Records from a collection:
• • •

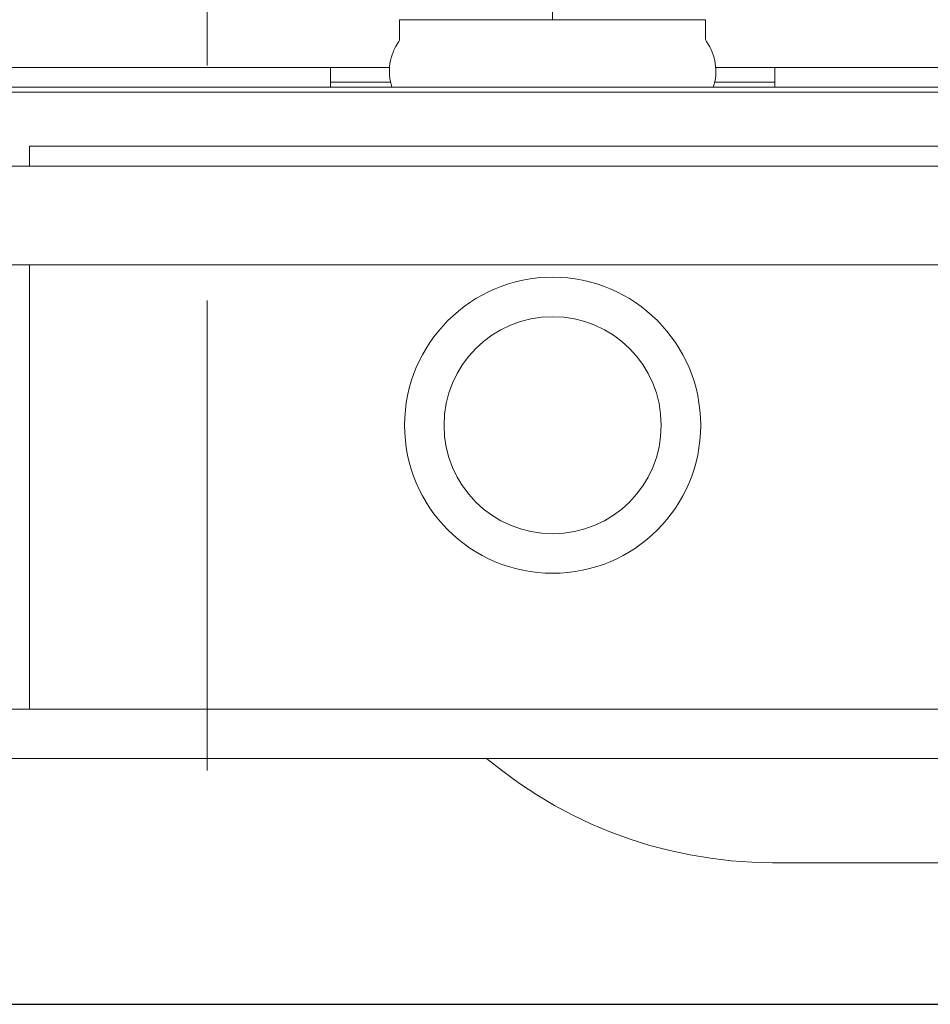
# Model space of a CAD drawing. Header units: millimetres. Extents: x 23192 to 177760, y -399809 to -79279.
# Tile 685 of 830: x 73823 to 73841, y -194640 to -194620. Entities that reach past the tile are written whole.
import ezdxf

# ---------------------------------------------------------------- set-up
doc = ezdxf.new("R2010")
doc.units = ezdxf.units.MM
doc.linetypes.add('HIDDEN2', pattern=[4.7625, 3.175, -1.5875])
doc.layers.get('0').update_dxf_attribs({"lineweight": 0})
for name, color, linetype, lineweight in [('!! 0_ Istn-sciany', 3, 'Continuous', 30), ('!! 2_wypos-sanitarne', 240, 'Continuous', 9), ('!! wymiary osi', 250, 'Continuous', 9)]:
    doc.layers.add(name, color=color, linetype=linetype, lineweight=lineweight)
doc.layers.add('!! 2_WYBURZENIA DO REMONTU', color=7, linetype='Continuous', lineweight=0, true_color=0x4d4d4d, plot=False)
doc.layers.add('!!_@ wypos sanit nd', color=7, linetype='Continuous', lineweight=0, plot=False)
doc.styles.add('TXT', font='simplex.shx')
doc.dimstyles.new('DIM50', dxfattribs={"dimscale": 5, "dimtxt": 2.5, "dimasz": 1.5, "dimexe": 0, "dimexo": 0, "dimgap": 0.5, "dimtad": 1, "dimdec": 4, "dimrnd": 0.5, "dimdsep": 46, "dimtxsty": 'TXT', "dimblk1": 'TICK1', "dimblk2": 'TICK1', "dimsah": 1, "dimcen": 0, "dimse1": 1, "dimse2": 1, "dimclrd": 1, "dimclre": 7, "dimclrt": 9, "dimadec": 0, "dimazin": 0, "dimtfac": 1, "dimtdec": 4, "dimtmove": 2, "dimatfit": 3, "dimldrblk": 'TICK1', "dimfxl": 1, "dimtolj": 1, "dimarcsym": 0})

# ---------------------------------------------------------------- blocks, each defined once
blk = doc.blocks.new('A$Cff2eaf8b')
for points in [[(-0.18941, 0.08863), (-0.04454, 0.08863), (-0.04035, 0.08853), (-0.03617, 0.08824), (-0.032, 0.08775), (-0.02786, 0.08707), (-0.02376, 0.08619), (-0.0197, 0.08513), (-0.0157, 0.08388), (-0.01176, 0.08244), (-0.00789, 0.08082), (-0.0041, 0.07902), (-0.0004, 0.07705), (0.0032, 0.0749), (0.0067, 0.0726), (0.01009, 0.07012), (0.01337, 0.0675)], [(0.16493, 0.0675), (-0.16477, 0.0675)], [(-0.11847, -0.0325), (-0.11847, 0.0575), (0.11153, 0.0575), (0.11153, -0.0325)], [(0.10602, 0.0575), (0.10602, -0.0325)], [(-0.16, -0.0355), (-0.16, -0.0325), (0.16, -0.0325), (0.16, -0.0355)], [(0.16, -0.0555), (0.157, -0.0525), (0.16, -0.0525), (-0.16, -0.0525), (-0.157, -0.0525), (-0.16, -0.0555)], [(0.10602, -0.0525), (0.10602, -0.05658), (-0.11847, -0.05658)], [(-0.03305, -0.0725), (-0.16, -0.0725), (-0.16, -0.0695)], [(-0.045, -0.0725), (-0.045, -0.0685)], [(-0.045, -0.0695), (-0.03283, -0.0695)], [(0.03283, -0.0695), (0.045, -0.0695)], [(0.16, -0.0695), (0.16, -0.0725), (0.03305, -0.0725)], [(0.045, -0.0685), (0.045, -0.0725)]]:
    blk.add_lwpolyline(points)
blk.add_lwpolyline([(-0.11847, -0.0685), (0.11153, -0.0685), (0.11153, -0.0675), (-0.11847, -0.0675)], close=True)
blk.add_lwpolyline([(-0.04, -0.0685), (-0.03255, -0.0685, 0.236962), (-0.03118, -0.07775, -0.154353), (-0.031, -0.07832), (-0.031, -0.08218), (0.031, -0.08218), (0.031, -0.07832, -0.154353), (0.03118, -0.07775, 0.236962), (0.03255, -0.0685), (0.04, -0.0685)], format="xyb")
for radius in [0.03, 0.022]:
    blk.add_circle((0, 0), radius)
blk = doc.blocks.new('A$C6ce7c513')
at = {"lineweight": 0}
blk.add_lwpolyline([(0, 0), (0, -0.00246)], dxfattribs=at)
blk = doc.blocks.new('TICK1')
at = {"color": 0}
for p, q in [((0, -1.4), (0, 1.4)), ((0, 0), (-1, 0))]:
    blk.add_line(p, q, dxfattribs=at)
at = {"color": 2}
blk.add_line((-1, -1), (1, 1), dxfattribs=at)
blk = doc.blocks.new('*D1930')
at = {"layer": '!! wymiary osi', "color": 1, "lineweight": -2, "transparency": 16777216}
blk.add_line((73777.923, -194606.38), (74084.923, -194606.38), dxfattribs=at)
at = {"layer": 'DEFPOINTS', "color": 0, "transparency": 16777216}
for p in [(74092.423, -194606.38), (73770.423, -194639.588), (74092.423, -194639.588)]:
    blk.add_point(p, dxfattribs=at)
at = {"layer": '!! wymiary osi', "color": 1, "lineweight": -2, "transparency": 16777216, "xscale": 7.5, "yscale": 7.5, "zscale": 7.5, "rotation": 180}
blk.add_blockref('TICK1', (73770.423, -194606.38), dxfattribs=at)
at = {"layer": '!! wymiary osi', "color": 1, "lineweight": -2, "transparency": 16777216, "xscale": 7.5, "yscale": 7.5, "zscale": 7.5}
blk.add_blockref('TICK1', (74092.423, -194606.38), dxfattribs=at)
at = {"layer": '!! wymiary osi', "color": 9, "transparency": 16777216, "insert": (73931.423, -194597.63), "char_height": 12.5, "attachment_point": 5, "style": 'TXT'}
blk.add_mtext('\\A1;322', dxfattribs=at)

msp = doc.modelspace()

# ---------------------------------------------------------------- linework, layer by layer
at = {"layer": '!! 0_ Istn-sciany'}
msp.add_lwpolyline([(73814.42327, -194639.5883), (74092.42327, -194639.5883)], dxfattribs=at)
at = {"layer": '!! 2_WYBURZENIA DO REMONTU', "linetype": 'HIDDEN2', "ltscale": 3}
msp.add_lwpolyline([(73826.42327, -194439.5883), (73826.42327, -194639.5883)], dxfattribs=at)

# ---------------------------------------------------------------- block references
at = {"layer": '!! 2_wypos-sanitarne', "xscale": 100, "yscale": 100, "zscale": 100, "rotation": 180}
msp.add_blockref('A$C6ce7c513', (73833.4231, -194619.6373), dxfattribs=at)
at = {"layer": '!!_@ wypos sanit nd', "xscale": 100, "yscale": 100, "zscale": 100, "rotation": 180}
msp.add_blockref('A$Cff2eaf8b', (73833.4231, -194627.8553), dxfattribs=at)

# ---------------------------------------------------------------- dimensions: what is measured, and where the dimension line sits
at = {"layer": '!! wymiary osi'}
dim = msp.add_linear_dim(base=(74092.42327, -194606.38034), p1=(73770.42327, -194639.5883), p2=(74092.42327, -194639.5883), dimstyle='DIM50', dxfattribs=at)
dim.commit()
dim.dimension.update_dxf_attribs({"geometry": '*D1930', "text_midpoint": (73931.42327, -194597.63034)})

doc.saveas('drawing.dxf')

• • •

→ **Assignment**
Only the lines from the top of the records through the line with "doc.styles.add('TXT', font='simplex.shx')" belong in the copy; write them out exactly, leaving out pictures.

→ **Your response**
# Model space of a CAD drawing. Header units: millimetres. Extents: x 23192 to 177760, y -399809 to -79279.
# Tile 685 of 830: x 73823 to 73841, y -194640 to -194620. Entities that reach past the tile are written whole.
import ezdxf

# ---------------------------------------------------------------- set-up
doc = ezdxf.new("R2010")
doc.units = ezdxf.units.MM
doc.linetypes.add('HIDDEN2', pattern=[4.7625, 3.175, -1.5875])
doc.layers.get('0').update_dxf_attribs({"lineweight": 0})
for name, color, linetype, lineweight in [('!! 0_ Istn-sciany', 3, 'Continuous', 30), ('!! 2_wypos-sanitarne', 240, 'Continuous', 9), ('!! wymiary osi', 250, 'Continuous', 9)]:
    doc.layers.add(name, color=color, linetype=linetype, lineweight=lineweight)
doc.layers.add('!! 2_WYBURZENIA DO REMONTU', color=7, linetype='Continuous', lineweight=0, true_color=0x4d4d4d, plot=False)
doc.layers.add('!!_@ wypos sanit nd', color=7, linetype='Continuous', lineweight=0, plot=False)
doc.styles.add('TXT', font='simplex.shx')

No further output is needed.